EXERCISE
Spot each line in the records below where the word "name" occurs, then copy it.

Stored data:
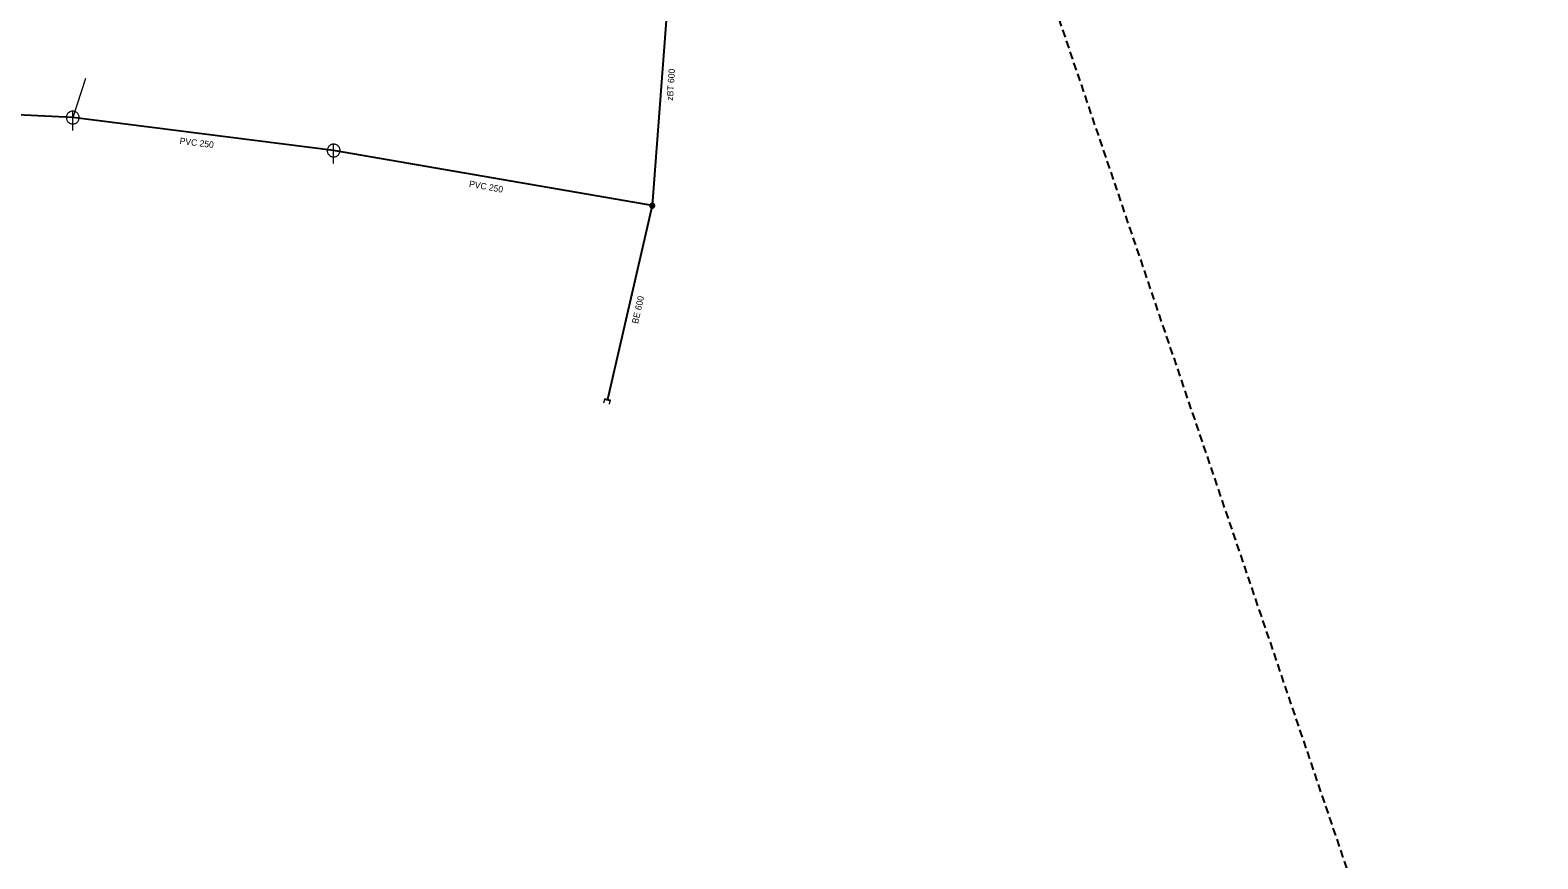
# Model space of a CAD drawing. Extents: x -659250 to -657316, y -997555 to -993684.
# Drawn here: x -658279.6 to -658044.4, y -995254.3 to -995125.1 of the extents above; entities that cross this region are included whole.
import ezdxf

# ---------------------------------------------------------------- set-up
doc = ezdxf.new("R2010")
doc.units = 0
doc.header["$LTSCALE"] = 0.4
doc.linetypes.add('MEDIUM_DASHED', pattern=[4.5, 3, -1.5])
doc.layers.add('1', color=7, linetype='Continuous')
for name, color, linetype, lineweight in [('11', 7, 'Continuous', 13), ('14', 7, 'Continuous', 25), ('22', 7, 'Continuous', 13), ('29', 7, 'Continuous', 13), ('63', 7, 'MEDIUM_DASHED', 25)]:
    doc.layers.add(name, color=color, linetype=linetype, lineweight=lineweight)

msp = doc.modelspace()

# ---------------------------------------------------------------- linework, layer by layer
at = {"layer": '11'}
msp.add_line((-658270.95, -995132.64), (-658272.95, -995138.75), dxfattribs=at)
at = {"layer": '14'}
for p, q in [((-658272.949, -995138.75), (-658295.55, -995137.62)), ((-658182.53, -995152.469), (-658189.53, -995182.699))]:
    msp.add_line(p, q, dxfattribs=at)
msp.add_lwpolyline([(-658175.079, -995105.37), (-658179.557, -995112.526), (-658182.53, -995152.469), (-658232.25, -995143.89), (-658272.949, -995138.75)], dxfattribs=at)
at = {"layer": '22'}
for p, q in [((-658272.95, -995140.75), (-658272.949, -995137.75)), ((-658232.25, -995145.89), (-658232.249, -995142.89))]:
    msp.add_line(p, q, dxfattribs=at)
for points in [[(-658271.95, -995138.75), (-658271.955, -995138.641), (-658271.973, -995138.533), (-658272.003, -995138.427), (-658272.043, -995138.326), (-658272.095, -995138.229), (-658272.157, -995138.139), (-658272.229, -995138.056), (-658272.309, -995137.982), (-658272.397, -995137.916), (-658272.491, -995137.861), (-658272.591, -995137.816), (-658272.696, -995137.783), (-658272.803, -995137.761), (-658272.912, -995137.751), (-658273.022, -995137.753), (-658273.13, -995137.767), (-658273.237, -995137.792), (-658273.34, -995137.829), (-658273.438, -995137.878), (-658273.53, -995137.936), (-658273.616, -995138.005), (-658273.693, -995138.082), (-658273.762, -995138.168), (-658273.821, -995138.26), (-658273.869, -995138.358), (-658273.906, -995138.461), (-658273.932, -995138.568), (-658273.946, -995138.676), (-658273.949, -995138.786), (-658273.939, -995138.895), (-658273.918, -995139.002), (-658273.884, -995139.106), (-658273.84, -995139.206), (-658273.785, -995139.301), (-658273.719, -995139.389), (-658273.645, -995139.469), (-658273.562, -995139.541), (-658273.472, -995139.603), (-658273.376, -995139.655), (-658273.274, -995139.696), (-658273.169, -995139.726), (-658273.061, -995139.744), (-658272.951, -995139.75), (-658272.842, -995139.744), (-658272.734, -995139.726), (-658272.629, -995139.697), (-658272.527, -995139.656), (-658272.43, -995139.604), (-658272.34, -995139.542), (-658272.257, -995139.471), (-658272.182, -995139.391), (-658272.117, -995139.303), (-658272.061, -995139.209), (-658272.017, -995139.109), (-658271.983, -995139.005), (-658271.961, -995138.897), (-658271.951, -995138.788)], [(-658231.25, -995143.89), (-658231.255, -995143.781), (-658231.273, -995143.673), (-658231.303, -995143.567), (-658231.343, -995143.466), (-658231.395, -995143.369), (-658231.457, -995143.279), (-658231.529, -995143.196), (-658231.609, -995143.122), (-658231.697, -995143.056), (-658231.791, -995143.001), (-658231.891, -995142.956), (-658231.996, -995142.923), (-658232.103, -995142.901), (-658232.212, -995142.891), (-658232.322, -995142.893), (-658232.43, -995142.907), (-658232.537, -995142.932), (-658232.64, -995142.969), (-658232.738, -995143.018), (-658232.83, -995143.076), (-658232.916, -995143.145), (-658232.993, -995143.222), (-658233.062, -995143.308), (-658233.121, -995143.4), (-658233.169, -995143.498), (-658233.206, -995143.601), (-658233.232, -995143.708), (-658233.246, -995143.816), (-658233.249, -995143.926), (-658233.239, -995144.035), (-658233.218, -995144.142), (-658233.184, -995144.246), (-658233.14, -995144.346), (-658233.085, -995144.441), (-658233.019, -995144.529), (-658232.945, -995144.609), (-658232.862, -995144.681), (-658232.772, -995144.743), (-658232.676, -995144.795), (-658232.574, -995144.836), (-658232.469, -995144.866), (-658232.361, -995144.884), (-658232.251, -995144.89), (-658232.142, -995144.884), (-658232.034, -995144.866), (-658231.929, -995144.837), (-658231.827, -995144.796), (-658231.73, -995144.744), (-658231.64, -995144.682), (-658231.557, -995144.611), (-658231.482, -995144.531), (-658231.417, -995144.443), (-658231.361, -995144.349), (-658231.317, -995144.249), (-658231.283, -995144.145), (-658231.261, -995144.037), (-658231.251, -995143.928)], [(-658182.139, -995152.473), (-658182.145, -995152.405), (-658182.163, -995152.338), (-658182.192, -995152.276), (-658182.232, -995152.219), (-658182.28, -995152.171), (-658182.337, -995152.131), (-658182.399, -995152.102), (-658182.465, -995152.084), (-658182.534, -995152.077), (-658182.603, -995152.083), (-658182.669, -995152.101), (-658182.732, -995152.129), (-658182.788, -995152.169), (-658182.837, -995152.217), (-658182.877, -995152.273), (-658182.907, -995152.335), (-658182.925, -995152.402), (-658182.932, -995152.47), (-658182.926, -995152.539), (-658182.909, -995152.606), (-658182.88, -995152.668), (-658182.841, -995152.725), (-658182.793, -995152.774), (-658182.737, -995152.814), (-658182.675, -995152.844), (-658182.609, -995152.863), (-658182.54, -995152.87), (-658182.471, -995152.864), (-658182.405, -995152.847), (-658182.342, -995152.819), (-658182.285, -995152.78), (-658182.236, -995152.732), (-658182.195, -995152.676), (-658182.165, -995152.614), (-658182.147, -995152.548), (-658182.139, -995152.48)], [(-658182.525, -995152.775), (-658182.488, -995152.768), (-658182.453, -995152.75), (-658182.421, -995152.721), (-658182.393, -995152.682), (-658182.371, -995152.635), (-658182.355, -995152.582), (-658182.346, -995152.525), (-658182.345, -995152.465), (-658182.351, -995152.406), (-658182.364, -995152.351), (-658182.383, -995152.3), (-658182.409, -995152.257), (-658182.439, -995152.223), (-658182.473, -995152.199), (-658182.509, -995152.187), (-658182.546, -995152.186), (-658182.582, -995152.198), (-658182.616, -995152.22), (-658182.647, -995152.254), (-658182.672, -995152.296), (-658182.692, -995152.347), (-658182.705, -995152.402), (-658182.71, -995152.461), (-658182.709, -995152.52), (-658182.7, -995152.578), (-658182.684, -995152.631), (-658182.661, -995152.679), (-658182.634, -995152.719), (-658182.602, -995152.748), (-658182.567, -995152.767), (-658182.53, -995152.775)]]:
    msp.add_lwpolyline(points, close=True, dxfattribs=at)
at = {"layer": '29'}
for points in [[(-658189.184, -995183.415), (-658189.046, -995182.81), (-658190.013, -995182.588), (-658190.152, -995183.195)], [(-658190.067, -995183.214), (-658189.948, -995182.692), (-658189.151, -995182.875), (-658189.27, -995183.396)]]:
    msp.add_lwpolyline(points, dxfattribs=at)
at = {"layer": '63'}
msp.add_lwpolyline([(-659116.685, -993855.266), (-658551.464, -993848.288), (-658551.464, -993848.288), (-657316.352, -997490.822), (-657316.352, -997490.822), (-657839.705, -997490.822), (-657839.705, -997490.822)], close=True, dxfattribs=at)

# ---------------------------------------------------------------- texts
at = {"layer": '1'}
for s, rotation, p in [('zBT 600 ', 86, (-658179.323, -995136.135)), ('PVC 250 ', 353, (-658256.321, -995142.85)), ('PVC 250 ', 350, (-658211.176, -995149.54)), ('BE 600', 77, (-658184.771, -995170.954))]:
    msp.add_text(s, height=1, rotation=rotation, dxfattribs=at).set_placement(p)

doc.saveas('drawing.dxf')

RESPONSE BOX
for name, color, linetype, lineweight in [('11', 7, 'Continuous', 13), ('14', 7, 'Continuous', 25), ('22', 7, 'Continuous', 13), ('29', 7, 'Continuous', 13), ('63', 7, 'MEDIUM_DASHED', 25)]:
    doc.layers.add(name, color=color, linetype=linetype, lineweight=lineweight)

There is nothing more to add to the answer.